Como siempre pasaba con lo que no se conocía, se pensaba que era fácil. Ya sabía por experiencia propia, que manejar rápido era mucho más que pisar el acelerador. Eso lo hacía cualquiera. En cambio, doblar o frenar a altas velocidades, era para pocos.

Sin embargo, nunca se le había ocurrido que era necesario poner el cambio justo en el momento correcto, o tener que frenar en el último instante posible para aprovechar la máxima velocidad, una fracción de segundo más. Lo que parecía insignificante en una curva, hacía sentido en una vuelta completa, y era mucho tiempo en una carrera de 70 giros. Que micro ventajas se convirtieran en grandes diferencias le parecía más propio del ajedrez que de las carreras de autos. Y sin embargo, la vida siempre solía repetirse.
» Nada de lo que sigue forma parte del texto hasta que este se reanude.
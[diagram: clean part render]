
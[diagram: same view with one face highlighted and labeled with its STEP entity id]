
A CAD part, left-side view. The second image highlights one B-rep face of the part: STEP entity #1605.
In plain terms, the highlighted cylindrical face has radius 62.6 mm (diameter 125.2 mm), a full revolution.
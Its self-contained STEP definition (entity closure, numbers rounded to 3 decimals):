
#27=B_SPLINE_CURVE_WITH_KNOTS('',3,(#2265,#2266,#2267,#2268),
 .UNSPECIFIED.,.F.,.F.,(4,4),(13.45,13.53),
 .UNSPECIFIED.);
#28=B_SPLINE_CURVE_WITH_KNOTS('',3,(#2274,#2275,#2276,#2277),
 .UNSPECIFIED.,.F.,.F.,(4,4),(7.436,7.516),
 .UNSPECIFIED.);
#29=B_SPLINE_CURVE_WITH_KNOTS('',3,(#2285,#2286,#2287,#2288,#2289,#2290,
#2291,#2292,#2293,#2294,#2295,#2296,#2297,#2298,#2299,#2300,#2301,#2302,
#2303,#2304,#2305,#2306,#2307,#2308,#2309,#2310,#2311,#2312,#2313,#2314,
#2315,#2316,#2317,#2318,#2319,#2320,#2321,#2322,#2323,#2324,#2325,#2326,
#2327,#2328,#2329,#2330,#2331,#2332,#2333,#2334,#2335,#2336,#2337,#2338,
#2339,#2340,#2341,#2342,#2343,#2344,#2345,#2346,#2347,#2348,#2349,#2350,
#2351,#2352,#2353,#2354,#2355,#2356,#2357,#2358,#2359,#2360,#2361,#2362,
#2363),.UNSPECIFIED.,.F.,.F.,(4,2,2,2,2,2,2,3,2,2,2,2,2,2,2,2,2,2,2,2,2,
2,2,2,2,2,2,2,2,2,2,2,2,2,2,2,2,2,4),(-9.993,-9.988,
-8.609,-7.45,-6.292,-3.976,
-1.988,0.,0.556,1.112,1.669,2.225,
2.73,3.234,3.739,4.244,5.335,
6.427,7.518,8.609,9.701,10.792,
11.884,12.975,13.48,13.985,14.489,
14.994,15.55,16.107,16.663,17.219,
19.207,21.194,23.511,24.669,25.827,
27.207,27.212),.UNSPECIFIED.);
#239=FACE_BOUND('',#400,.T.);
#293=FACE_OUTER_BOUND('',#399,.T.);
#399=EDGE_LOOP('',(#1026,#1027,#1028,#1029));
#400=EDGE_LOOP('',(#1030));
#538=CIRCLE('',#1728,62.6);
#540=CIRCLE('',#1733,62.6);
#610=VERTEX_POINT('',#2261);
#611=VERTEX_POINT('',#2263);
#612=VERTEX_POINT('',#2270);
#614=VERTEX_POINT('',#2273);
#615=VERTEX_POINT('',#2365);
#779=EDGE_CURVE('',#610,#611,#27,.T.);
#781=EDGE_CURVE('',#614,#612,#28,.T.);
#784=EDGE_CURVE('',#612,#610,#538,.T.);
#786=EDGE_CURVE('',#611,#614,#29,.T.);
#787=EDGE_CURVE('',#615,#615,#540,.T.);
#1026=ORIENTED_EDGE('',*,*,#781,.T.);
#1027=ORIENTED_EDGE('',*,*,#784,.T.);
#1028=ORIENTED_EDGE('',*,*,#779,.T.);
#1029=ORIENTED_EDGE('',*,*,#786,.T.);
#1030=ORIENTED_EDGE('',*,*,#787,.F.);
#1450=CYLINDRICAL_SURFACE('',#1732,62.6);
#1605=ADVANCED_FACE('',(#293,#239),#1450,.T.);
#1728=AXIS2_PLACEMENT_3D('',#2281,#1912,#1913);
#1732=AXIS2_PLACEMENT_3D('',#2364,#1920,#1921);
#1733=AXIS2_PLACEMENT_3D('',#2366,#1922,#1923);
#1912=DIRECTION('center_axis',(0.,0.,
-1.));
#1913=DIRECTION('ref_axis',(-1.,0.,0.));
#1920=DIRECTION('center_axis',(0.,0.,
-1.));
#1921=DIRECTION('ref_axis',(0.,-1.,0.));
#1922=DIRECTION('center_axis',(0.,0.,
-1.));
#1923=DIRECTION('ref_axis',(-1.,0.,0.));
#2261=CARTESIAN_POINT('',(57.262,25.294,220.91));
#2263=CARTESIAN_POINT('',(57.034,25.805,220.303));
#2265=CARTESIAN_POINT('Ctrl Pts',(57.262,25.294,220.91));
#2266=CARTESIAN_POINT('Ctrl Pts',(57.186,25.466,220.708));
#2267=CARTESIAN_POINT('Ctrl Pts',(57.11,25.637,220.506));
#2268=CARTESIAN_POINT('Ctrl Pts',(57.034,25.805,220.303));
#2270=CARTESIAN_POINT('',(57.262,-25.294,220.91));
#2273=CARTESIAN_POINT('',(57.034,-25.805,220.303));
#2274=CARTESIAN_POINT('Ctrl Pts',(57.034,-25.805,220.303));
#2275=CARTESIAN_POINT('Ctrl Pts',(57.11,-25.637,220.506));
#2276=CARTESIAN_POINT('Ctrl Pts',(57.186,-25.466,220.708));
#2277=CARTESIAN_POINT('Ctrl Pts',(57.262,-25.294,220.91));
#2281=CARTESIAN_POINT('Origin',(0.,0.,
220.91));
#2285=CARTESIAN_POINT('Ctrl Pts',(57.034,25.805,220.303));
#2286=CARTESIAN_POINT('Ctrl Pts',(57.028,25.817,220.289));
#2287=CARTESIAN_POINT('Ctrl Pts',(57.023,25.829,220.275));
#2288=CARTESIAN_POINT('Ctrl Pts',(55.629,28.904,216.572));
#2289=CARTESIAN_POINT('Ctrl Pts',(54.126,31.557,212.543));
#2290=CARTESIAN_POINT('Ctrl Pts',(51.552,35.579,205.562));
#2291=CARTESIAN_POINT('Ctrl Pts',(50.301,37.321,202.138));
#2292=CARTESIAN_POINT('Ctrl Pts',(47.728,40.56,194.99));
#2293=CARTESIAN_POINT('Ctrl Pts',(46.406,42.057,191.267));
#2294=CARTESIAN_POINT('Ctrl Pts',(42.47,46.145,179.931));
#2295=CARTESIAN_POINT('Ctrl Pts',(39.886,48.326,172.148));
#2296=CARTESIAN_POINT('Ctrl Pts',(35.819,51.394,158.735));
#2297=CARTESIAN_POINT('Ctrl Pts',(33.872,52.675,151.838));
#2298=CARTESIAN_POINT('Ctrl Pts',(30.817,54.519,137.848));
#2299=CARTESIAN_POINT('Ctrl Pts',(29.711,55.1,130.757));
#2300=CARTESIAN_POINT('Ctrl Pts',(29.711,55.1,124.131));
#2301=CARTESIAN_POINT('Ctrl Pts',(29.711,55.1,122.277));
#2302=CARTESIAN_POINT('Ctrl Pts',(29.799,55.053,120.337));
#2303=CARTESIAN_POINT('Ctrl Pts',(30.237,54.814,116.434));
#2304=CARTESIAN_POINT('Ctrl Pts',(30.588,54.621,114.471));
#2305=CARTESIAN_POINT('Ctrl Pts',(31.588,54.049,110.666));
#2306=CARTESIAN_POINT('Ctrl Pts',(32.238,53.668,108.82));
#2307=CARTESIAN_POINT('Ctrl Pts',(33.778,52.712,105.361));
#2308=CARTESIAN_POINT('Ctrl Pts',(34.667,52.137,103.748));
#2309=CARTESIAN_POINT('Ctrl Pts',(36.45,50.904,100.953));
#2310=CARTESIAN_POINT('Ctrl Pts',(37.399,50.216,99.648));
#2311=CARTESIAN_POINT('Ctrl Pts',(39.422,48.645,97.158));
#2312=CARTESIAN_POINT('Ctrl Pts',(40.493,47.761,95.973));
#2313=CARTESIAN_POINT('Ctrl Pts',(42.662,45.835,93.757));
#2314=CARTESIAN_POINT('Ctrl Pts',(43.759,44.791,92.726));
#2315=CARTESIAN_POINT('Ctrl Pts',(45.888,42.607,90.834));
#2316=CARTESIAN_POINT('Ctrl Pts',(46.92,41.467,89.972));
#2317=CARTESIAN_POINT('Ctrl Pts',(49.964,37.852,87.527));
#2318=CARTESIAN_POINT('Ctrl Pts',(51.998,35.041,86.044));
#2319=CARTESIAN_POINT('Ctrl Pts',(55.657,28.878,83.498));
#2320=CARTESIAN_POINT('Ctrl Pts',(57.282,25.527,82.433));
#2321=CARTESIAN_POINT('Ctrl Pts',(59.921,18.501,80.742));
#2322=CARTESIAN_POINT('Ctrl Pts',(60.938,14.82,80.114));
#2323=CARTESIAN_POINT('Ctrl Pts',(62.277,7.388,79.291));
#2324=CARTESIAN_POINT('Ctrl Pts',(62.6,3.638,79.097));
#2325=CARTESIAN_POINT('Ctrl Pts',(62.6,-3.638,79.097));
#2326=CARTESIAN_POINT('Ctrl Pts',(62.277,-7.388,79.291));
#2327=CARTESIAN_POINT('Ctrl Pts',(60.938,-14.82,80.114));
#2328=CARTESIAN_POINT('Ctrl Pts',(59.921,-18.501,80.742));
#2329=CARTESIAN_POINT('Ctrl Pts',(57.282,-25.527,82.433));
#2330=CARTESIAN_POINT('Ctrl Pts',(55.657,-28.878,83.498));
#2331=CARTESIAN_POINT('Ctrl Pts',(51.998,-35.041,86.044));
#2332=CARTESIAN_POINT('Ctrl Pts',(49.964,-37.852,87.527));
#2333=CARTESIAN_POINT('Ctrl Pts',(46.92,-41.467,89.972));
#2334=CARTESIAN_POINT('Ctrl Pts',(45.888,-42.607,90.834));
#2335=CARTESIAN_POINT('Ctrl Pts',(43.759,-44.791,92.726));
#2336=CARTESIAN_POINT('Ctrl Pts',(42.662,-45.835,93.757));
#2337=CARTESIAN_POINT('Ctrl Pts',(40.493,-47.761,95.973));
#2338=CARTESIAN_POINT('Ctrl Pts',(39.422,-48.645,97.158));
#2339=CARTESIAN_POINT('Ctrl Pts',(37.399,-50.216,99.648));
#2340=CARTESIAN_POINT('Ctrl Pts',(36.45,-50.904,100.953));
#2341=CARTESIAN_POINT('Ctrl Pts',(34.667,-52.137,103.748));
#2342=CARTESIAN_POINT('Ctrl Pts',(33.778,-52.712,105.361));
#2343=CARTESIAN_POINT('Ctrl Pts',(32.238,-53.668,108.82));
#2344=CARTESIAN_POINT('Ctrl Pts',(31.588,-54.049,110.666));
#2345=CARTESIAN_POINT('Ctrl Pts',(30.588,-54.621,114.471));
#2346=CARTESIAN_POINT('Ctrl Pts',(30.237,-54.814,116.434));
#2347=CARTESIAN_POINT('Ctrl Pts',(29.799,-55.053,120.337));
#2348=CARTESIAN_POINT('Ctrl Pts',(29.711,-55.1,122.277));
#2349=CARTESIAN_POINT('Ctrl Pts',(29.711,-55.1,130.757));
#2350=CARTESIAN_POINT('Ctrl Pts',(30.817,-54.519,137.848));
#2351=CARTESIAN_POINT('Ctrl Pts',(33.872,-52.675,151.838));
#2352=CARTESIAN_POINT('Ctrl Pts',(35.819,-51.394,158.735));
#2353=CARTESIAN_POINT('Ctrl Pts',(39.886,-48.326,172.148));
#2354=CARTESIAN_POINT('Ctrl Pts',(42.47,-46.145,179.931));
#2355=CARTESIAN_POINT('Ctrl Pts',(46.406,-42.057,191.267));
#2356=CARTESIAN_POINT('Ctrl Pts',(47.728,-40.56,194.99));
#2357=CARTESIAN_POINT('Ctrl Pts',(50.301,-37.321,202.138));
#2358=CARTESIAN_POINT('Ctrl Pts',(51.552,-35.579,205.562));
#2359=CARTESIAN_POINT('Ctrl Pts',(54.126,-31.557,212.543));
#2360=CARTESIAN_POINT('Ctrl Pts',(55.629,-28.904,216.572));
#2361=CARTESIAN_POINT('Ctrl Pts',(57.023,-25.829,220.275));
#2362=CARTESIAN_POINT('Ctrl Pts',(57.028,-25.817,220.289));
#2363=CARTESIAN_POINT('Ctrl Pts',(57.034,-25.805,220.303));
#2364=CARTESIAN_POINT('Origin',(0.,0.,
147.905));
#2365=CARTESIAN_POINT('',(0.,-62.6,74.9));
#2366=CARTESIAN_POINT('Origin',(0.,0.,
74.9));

Una vez más, Lalo se encontraba llegando con el tiempo justo. Caminaba por el pasillo a paso muy rápido, para asistir a su clase de yoga. Todo un contrasentido.

Si era cierto aquél refrán de que el diablo había inventado la prisa, él o bien era el diablo mismo, o era su principal colaborador. Toda una vida apurado. ¿Para ir a dónde?

Muchas cosas que hacer. Demasiadas. Siempre.

A los veinte años, mientras estudiaba, trabajaba, tenía novia y hacía música, un día le había ocurrido un hecho que, a no ser porque le había pasado desapercibido, sería revelador.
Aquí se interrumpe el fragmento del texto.